Hong Kong has also introduced conditions for mass-market housing projects that require developers to reserve some units for first-time buyers at a capped price.

At one land auction that closed in August, the government required all of the 1,940 homes planned for the site to be sold at below market rates. The resulting lack of interest from developers eventually prompted the government to withdraw the tender.

As a result of such requirements, Choi said, “private sector developers are turning to other options so that they can have more control over their developments”.

Rather than bidding for new plots that come with restrictions, some large developers are applying to rezone agricultural land that they already own for residential development, he explained.

The Hong Kong government said its “prime concerns are not developers’ profit margins” but “whether private housing is affordable to our people”.

New land plots would continue being “put to market in an orderly manner to ensure a steady supply”, it added, which “should not be affected by short-term market fluctuations”.

Hong Kong’s property market, among the most expensive in the world, rose in tandem with the explosion of wealth in China.
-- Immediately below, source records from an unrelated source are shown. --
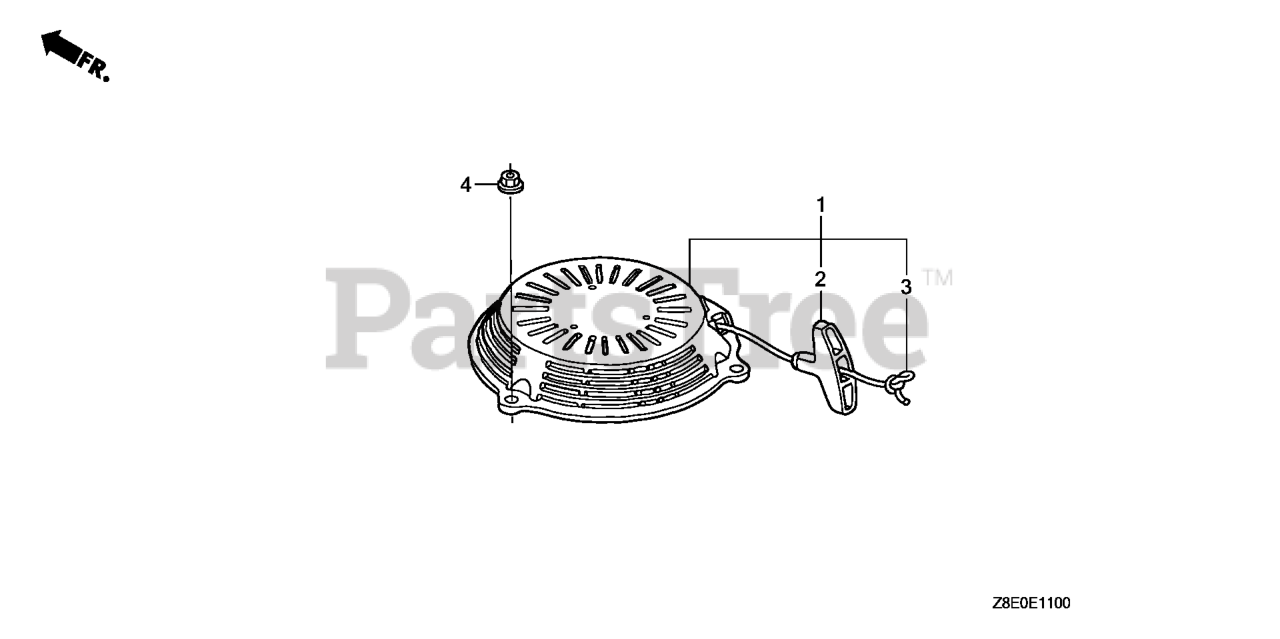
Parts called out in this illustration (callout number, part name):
1	STARTER ASSY. *NH1*
2	KNOB, RECOIL STARTER
3	ROPE, RECOIL STARTER (LONG TYPE)
4	NUT, FLANGE (6MM)
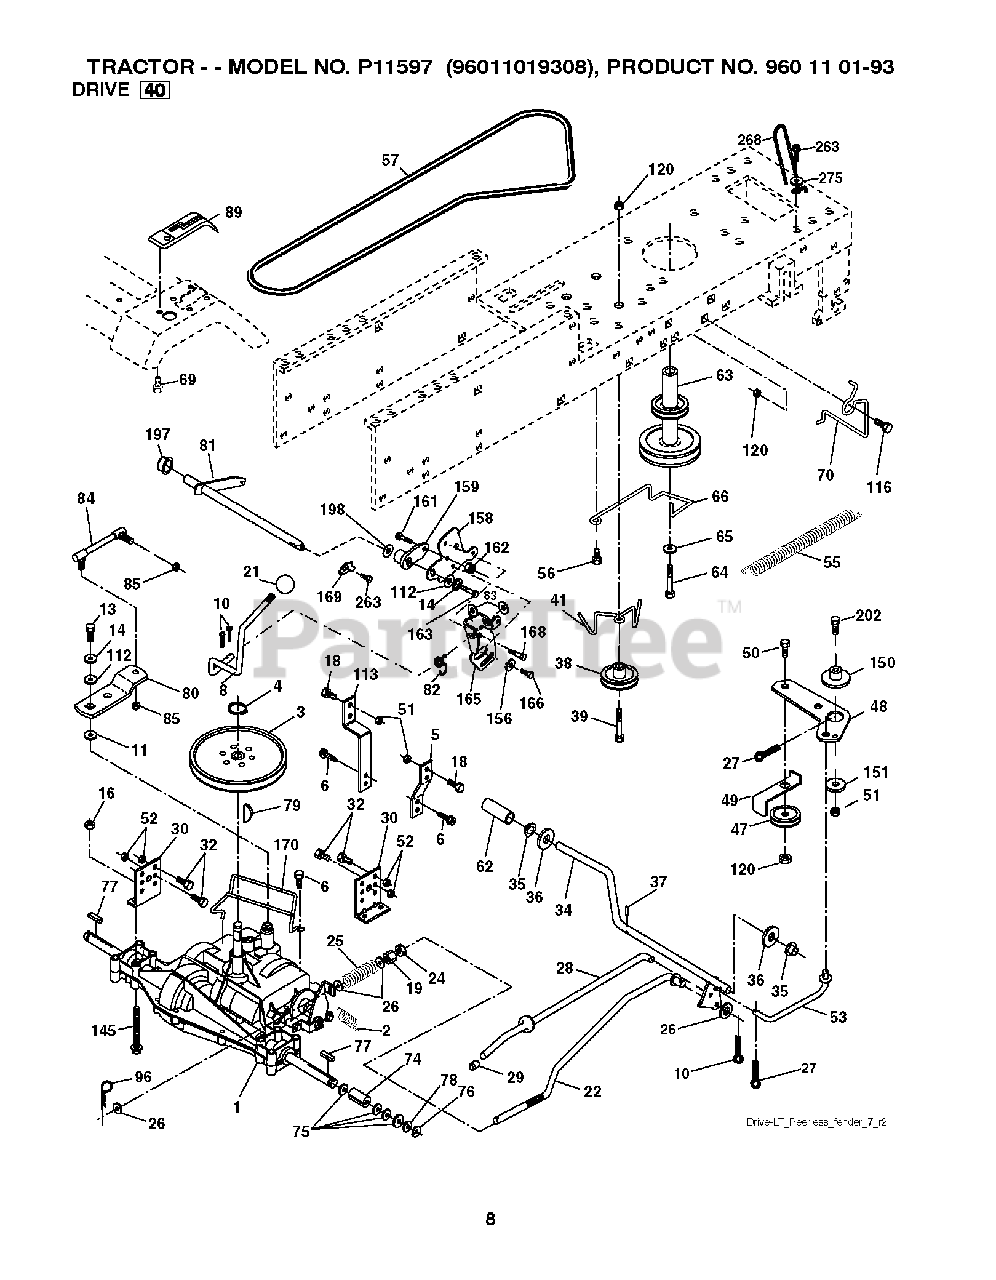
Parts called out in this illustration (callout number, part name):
2	SPRING,BRAKE RETURN
4	RETAINING RING LT
6	SCREW 5/16"
8	ROD SHIFT FENDER ADJUST LT
10	PIN COTTER
11	WASH-SHFT PLT LT
13	BOLT 1/4-28X3/4
14	LOCKWASHER
16	NUT.71038.31-18.HEX.NYLOCK
18	BOLT
19	NUT
21	KNOB T (1/2-HOLE)
24	NUT
25	SPRING ROD LT
27	COTTER PIN
28	ROD, PARKING BRAKE
30	BRKT, MOUNT TRNSAXLE
32	BOLT
34	SHAFT, FOOT PEDAL
35	BEARING.NYLON
36	WASHER LT
37	DRIVE PIN
38	PULLEY IDLER COMPOSITE
41	KEEPER, BELT IDLER
47	IDLER PULLEY
48	BELLCRANK, CLUTCH
49	RETAIN BELT
50	BOLT.3/8-16X1.50
51	LOCKNUT
52	LOCKNUT
53	LINK.CLUTCH.7.66.2005
55	SPRING, RETURN LT
57	BELT, V GROUND DRIVE 95 25
62	PEDAL COVER T
63	ENGINE PULLEY
64	BOLT HEX 7/16-20X4-1/4"
65	LOCKWASHER
66	KEEPER BELT ENGINE
69	SCREW.HI-LO.CONSOLE
70	KEEPER BELT ENG
81	SHAFT ASM CROSS TAPERED
83	WASHER
84	LINK.TRNSAXLE
85	NUT LOCK CENTER 1/4 -28 FNTHD
89	CONSOLE SHIFT STLT
96	RETAINER M
112	WASHER LT
113	STRAP TORQUE LH LT
116	BOLT D
120	NUT LOCK FLG 3/8-16 UNC
145	BOLT
150	SPACER, RETAINER
151	WASHER 12/32X2X10GA
156	WASHER.SRRTD.5/16
158	BRACKET
159	HUB.SHIFT
161	BOLT
162	NUT.CROWNLOCK.1/4
163	BOLT
165	RP BRACKET
166	SCREW
168	BOLT.SHOULDER.5/16-18X
169	PLATE FASTENING LT
170	KEEPER BELT T/A
197	NYLINER SNAP 5/8" ID
202	BOLT
263	SCREW, 3/8-16X3/4
275	WASHER

But the sector has been hit by an exodus of residents spurred by Beijing’s political crackdown on the city and strict coronavirus pandemic controls, which were only lifted late last year.

This year the Hang Seng Properties index — which includes groups such as CK Asset, Henderson Land and Sun Hung Kai — has fallen by about a third, with the US Federal Reserve’s “higher for longer” rates adding to pressure on share prices.

Choi said that due to the government’s policy shift, he expected that “big property developers will continue to diversify outside Hong Kong, not just investing in China but also in the UK, Singapore, Malaysia and so on”.

Chinachem has made a series of investments in the UK over the past two years. In September 2022, the company paid more than £158mn to buy TikTok’s London office block, and in January this year acquired another office building in the city currently used by Deloitte for £350mn.